5.1 The high temperature capabilities of advanced ceramics are a key performance benefit for many demanding engineering applications. In many of those applications, advanced ceramics will have to perform across a broad temperature range with exposure to sudden changes in temperature and heat flux. Thermal shock resistance of the ceramic material is a critical factor in determining the durability of the component under transient thermal conditions.

5.2 This test method is useful for material development, quality assurance, characterization, and assessment of durability. It has limited value for design data generation, because of the limitations of the flexural test geometry in determining fundamental tensile properties.
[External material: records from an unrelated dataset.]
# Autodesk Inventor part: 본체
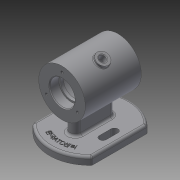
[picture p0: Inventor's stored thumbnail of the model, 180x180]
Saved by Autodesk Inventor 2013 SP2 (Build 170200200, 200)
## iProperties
Created: 2022-02
Part Number: 본체
Material: Generic
Document SubType Name: Modeling
Designer: a
Density: 1 g/cm^3
Mass: 183.432 g
Surface Area: 489.776 cm^2
Volume: 183.432 cm^3
Author: a
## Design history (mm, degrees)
sketch "스케치1"
  geometry: L1 (-36, 0)-(36, 0); L2 (-36, 0)-(-36, 30); L3 (-36, 30)-(36, 30); L4 (36, 30)-(36, 0); L5 (-24, 16)-(-24, 14); L6 (-24, 14)-(-20, 14); L7 (-20, 14)-(-20, 25); L8 (-20, 25)-(20, 25); L9 (20, 25)-(20, 14); L10 (20, 14)-(24, 14); L11 (24, 14)-(24, 16); L12 (24, 16)-(36, 16); L13 (-24, 16)-(-36, 16); 2 further points
  constraints: 26 end point, 4 parallel, 3 perpendicular, 2 point on line, 1 coincident, 1 collinear, 1 horizontal, 1 midpoint, 1 vertical
  dimensions: "d0" = 72 distance of L1.start L1.end; "d1" = 60 diameter of L3 L1; "d2" = 50 diameter of L8 L1; "d3" = 32 diameter of L12 L1; "d4" = 28 diameter of L10 L1; "d5" = 28 diameter of L6 L1; "d6" = 32 diameter of L13 L1; "d7" = 12 distance of L5.start L13.end; "d8" = 40 distance of L8.end L7.end; "d9" = 4 distance of L6.end L5.end; "d10" = 4 distance of L10.end L9.end
revolve "회전1" sketch "스케치1" stored, may be unused: angle "d11" = 90 deg
node "작업 평면1"
sketch "스케치2"
  geometry: L1 (-35.496, 38)-(35.496, 38); L2 (35.496, 38)-(35.496, -38); L3 (35.496, -38)-(-35.496, -38); L4 (-35.496, -38)-(-35.496, 38); L5 (-35.496, 38)-(35.496, -38); L6 (35.496, 38)-(-35.496, -38); A1 r 52 centre (0, 0) between (-35.496, 38) and (-35.496, -38); A2 r 52 centre (0, 0) between (35.496, -38) and (35.496, 38); 1 further point
  constraints: 12 end point, 4 point on circle, 2 centre point, 2 midpoint, 2 parallel, 1 coincident, 1 horizontal, 1 perpendicular
  dimensions: "d14" = 76 distance of L1.end L2.end; "d15" = 52 radius of A1
extrude "돌출1" join sketch "스케치2" distance "d16" = 10; taper "d17" = 0 deg
sketch "스케치3"
  geometry: L1 (-19, 7)-(19, 7); L2 (19, 7)-(19, -7); L3 (19, -7)-(-19, -7); L4 (-19, -7)-(-19, 7); L5 (-19, 7)-(19, -7); L6 (19, 7)-(-19, -7); L7 (-7.5, 28.5)-(7.5, 28.5); L8 (7.5, 28.5)-(7.5, 19.5); L9 (7.5, 19.5)-(-7.5, 19.5); L10 (-7.5, 19.5)-(-7.5, 28.5); L11 (-7.5, 28.5)-(7.5, 19.5); L12 (7.5, 28.5)-(-7.5, 19.5); L13 (-7.5, -19.5)-(7.5, -19.5); L14 (7.5, -19.5)-(7.5, -28.5); L15 (7.5, -28.5)-(-7.5, -28.5); L16 (-7.5, -28.5)-(-7.5, -19.5); L17 (-7.5, -19.5)-(7.5, -28.5); L18 (7.5, -19.5)-(-7.5, -28.5); A1 r 52 centre (0, 0) between (35.496, -38) and (35.496, 38) reference; A2 r 52 centre (0, 0) between (-35.496, 38) and (-35.496, -38) reference; 12 further points
  constraints: 36 end point, 16 midpoint, 8 vertical alignment, 6 parallel, 3 horizontal, 3 perpendicular, 12 other
  dimensions: "d18" = 38 distance of L2.end L3.end; "d19" = 14 distance of L1.end L2.end; "d20" = 15 distance of L8.end L9.end; "d21" = 9 distance of L7.end L8.end; "d22" = 15 distance of L14.end L15.end; "d23" = 9 distance of L13.end L14.end; "d24" = 24 distance of point (0, 24) A2.centre; "d25" = 24 distance of point (0, -24) A1.centre
extrude "돌출2" cut sketch "스케치3" distance "d26" = 10; taper "d27" = 0 deg
extrude "돌출3" join sketch "스케치3" stored distance "d28" = 10; taper "d29" = 0 deg
sketch "스케치4" dims "d30" = 46
  geometry: C1 r 16 at (0, 0) reference; 2 further points
  constraints: 2 vertical alignment, 1 coincident, 2 other
hole "구멍1" sketch "스케치4" at (0, 23) diameter "d31" = 3.242; stored, may be unused: countersink angle "d35" = 82 deg, drill point angle "d37" = 118 deg; dims "d32" = 8, "d33" = 3.023, "d34" = 2, "d36" = 10
sketch "스케치5"
  geometry: L1 (0, 0)-(30, 0); L2 (0, 0)-(28.579, 16.5); 1 further point
  constraints: 4 end point, 1 horizontal, 1 horizontal alignment, 1 other
  dimensions: "d41" = 33 distance of L1.start L2.end; "d42" = 30 deg angle of L1 L2
node "작업 평면2"
sketch "스케치6"
  geometry: C1 r 8 at (0, 0); 1 further point
  constraints: 1 centre point, 1 coincident
  dimensions: "d43" = 16 diameter of C1
extrude "돌출4" join sketch "스케치6" stored distance "d44" = 10; taper "d45" = 0 deg
sketch "스케치7"
  geometry: C1 r 8 at (0, 0) reference; C2 r 4 at (0, 0)
  constraints: 1 centre point, 1 coincident
  dimensions: "d46" = 8 diameter of C2
extrude "돌출5" cut sketch "스케치7" stored distance "d47" = 10; taper "d48" = 0 deg
sketch "스케치8"
  geometry: C1 r 42.5 at (0, 0); A1 r 52 centre (0, 0) between (35.496, -38) and (35.496, 38) reference
  constraints: 1 centre point, 1 coincident, 1 other
  dimensions: "d49" = 85 diameter of C1
feature "엠보싱1" sketch "스케치8" dims "d14" = 76, "d15" = 52, "d50" = 0.5, "d51" = 0
fillet "모깎기1" dims "d52" = 3
fillet "모깎기2" dims "d53" = 3
fillet "모깎기3" dims "d54" = 3
fillet "모깎기4" dims "d55" = 1
chamfer "모따기1" distance "d56" = 1; stored, may be unused: second distance "d57" = 2, angle "d58" = 45 deg
fillet "모깎기5" dims "d59" = 0.3
fillet "모깎기6" dims "d60" = 3
node "솔리드1"
pattern_circular "원형 패턴1" dims angle "d39" = 360 deg
mirror "대칭1"
other parameters: "d12" = -62, "d13" = 104

5.3 Appendix X1 (following EN 820-3) provides an introduction to thermal stresses, thermal shock, and critical material/geometry factors. The appendix also contains a mathematical analysis of the stresses developed by thermal expansion under steady-state and transient conditions, as determined by mechanical properties, thermal characteristics, and heat transfer effects.

1.1 This test method describes the determination of the resistance of advanced ceramics to thermal shock by water quenching. The method builds on the experimental principle of rapid quenching of a test specimen at an elevated temperature in a water bath at room temperature. The effect of the thermal shock is assessed by measuring the reduction in flexural strength produced by rapid quenching of test specimens heated across a range of temperatures. For a quantitative measurement of thermal shock resistance, a critical temperature interval is determined by a reduction in the mean flexural strength of at least 30 %. The test method does not determine thermal stresses developed as a result of a steady-state temperature difference within a ceramic body or of thermal expansion mismatch between joined bodies. The test method is not intended to determine the resistance of a ceramic material to repeated shocks. Since the determination of the thermal shock resistance is performed by evaluating retained strength, the method is not suitable for ceramic components; however, test specimens cut from components may be used.

1.2 The test method is intended primarily for dense monolithic ceramics, but may also be applicable to certain composites such as whisker- or particulate-reinforced ceramic matrix composites that are macroscopically homogeneous.

1.3 Values expressed in this standard test method are in accordance with the International System of Units (SI) and IEEE/ASTM SI 10.

1.4 This standard does not purport to address all of the safety concerns, if any, associated with its use. It is the responsibility of the user of this standard to establish appropriate safety, health, and environmental practices and determine the applicability of regulatory limitations prior to use.

1.5 This international standard was developed in accordance with internationally recognized principles on standardization established in the Decision on Principles for the Development of International Standards, Guides and Recommendations issued by the World Trade Organization Technical Barriers to Trade (TBT) Committee.